I have a hdd lag when I try to open new applications or when bash tries to autocomplete some commands and/or when I type some text into the browser. From time to time, when something releated to hdd activity is made, the system doesn't respond for 2 - 3 seconds then the things are go back to normal. The "df" command, also, waits 3 - 5 seconds before show me the amout of free space on my partitions.

And I have a strange *dmesg* message - it seems to be something regarding my UFS partions. 

Here is the fstab:


```
# Device	Mountpoint	FStype	Options	Dump	Pass#
/dev/ada0s4a	/		ufs	rw	1	1
/dev/ada0s4b	none		swap	sw	0	0
```


Attached is my *dmesg* output message.

Please, help!

Cheers,
phpwolf


----------



## wblock@ (Jul 15, 2012)

Please make it easier for people to read text files by putting them on pastebin.com or a similar service.


----------



## SirDice (Jul 16, 2012)

Why are you running -CURRENT?


----------



## phpwolf (Jul 16, 2012)

SirDice said:
			
		

> Why are you running -CURRENT?



Because I need kms support for my optimus video card.


----------



## phpwolf (Jul 16, 2012)

wblock@ said:
			
		

> Please make it easier for people to read text files by putting them on pastebin.com or a similar service.
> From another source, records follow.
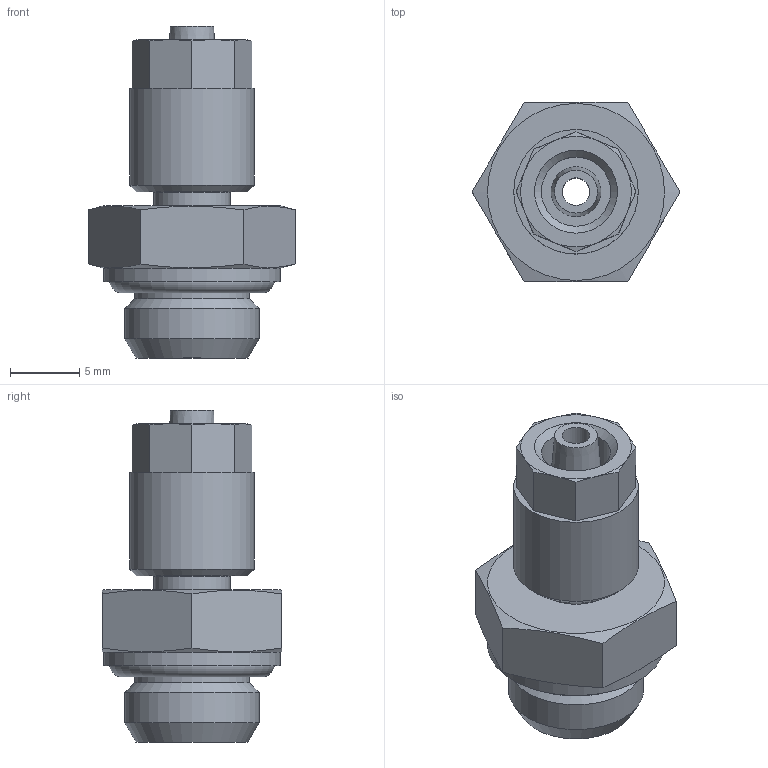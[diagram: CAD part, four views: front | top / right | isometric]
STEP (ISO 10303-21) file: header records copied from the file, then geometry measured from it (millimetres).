
FILE_DESCRIPTION(/* description */ (''),/* implementation_level */ '2;1');
FILE_NAME(/* name */ '10207_301Z_53_18_08.09.15',/* time_stamp */ '2015-09-08T11:36:34+02:00',/* author */ (''),/* organization */ (''),/* preprocessor_version */ 'ST-DEVELOPER v14',/* originating_system */ 'HiCAD 2013 1802.4 Build 509',/* authorisation */ '');
FILE_SCHEMA (('AUTOMOTIVE_DESIGN { 1 0 10303 214 1 1 1 1 }'));
Length unit declared in the file: millimetre
Products named in the file (4): Root; OR 7.2X1.9; 17003; R10207
Assembly tree (3 placements, depth 2):
  Root
    OR 7.2X1.9
    17003
    R10207
Bounding box: 15.01 x 13 x 24 mm (x, y, z)
Volume: 1635.1 mm3; surface area: 1908.5 mm2
Topology: 3 solids, 3 shells, 61 faces, 138 edges, 87 vertices
Faces by surface type: plane 24, cone 22, cylinder 11, torus 4
Full cylindrical faces by diameter (mm): 2 x1, 3.2 x1, 5 x2, 5.5 x1, 6.08 x1, 7 x1, 8.3 x1, 9 x1, 9.728 x1, 12.8 x1
Entity records: 2475 total; most frequent: DIRECTION 300, CARTESIAN_POINT 233, PRESENTATION_STYLE_ASSIGNMENT 191, COLOUR_RGB 190, DRAUGHTING_PRE_DEFINED_CURVE_FONT 188, CURVE_STYLE 188, OVER_RIDING_STYLED_ITEM 188, ORIENTED_EDGE 188

I didn't know FreeBSD forums needs such a special service to keep all of these alive. Seriouslly, if you consider a crime to upload an 1k txt file on your servers...

http://pastebin.com/f6aNQftt


----------



## SirDice (Jul 16, 2012)

You really shouldn't run -CURRENT. Especially as a newbie. -CURRENT is a work in progress and at times doesn't even build.


----------



## wblock@ (Jul 16, 2012)

phpwolf said:
			
		

> I didn't know FreeBSD forums needs such a special service to keep all of these alive. Seriouslly, if you consider a crime to upload an 1k txt file on your servers...
> 
> http://pastebin.com/f6aNQftt



It's not a requirement.  But when you want help with a problem, making it as easy as possible to get the information encourages people to help and shows respect for their time.


----------



## phpwolf (Jul 18, 2012)

wblock@ said:
			
		

> It's not a requirement.  But when you want help with a problem, making it as easy as possible to get the information encourages people to help and shows respect for their time.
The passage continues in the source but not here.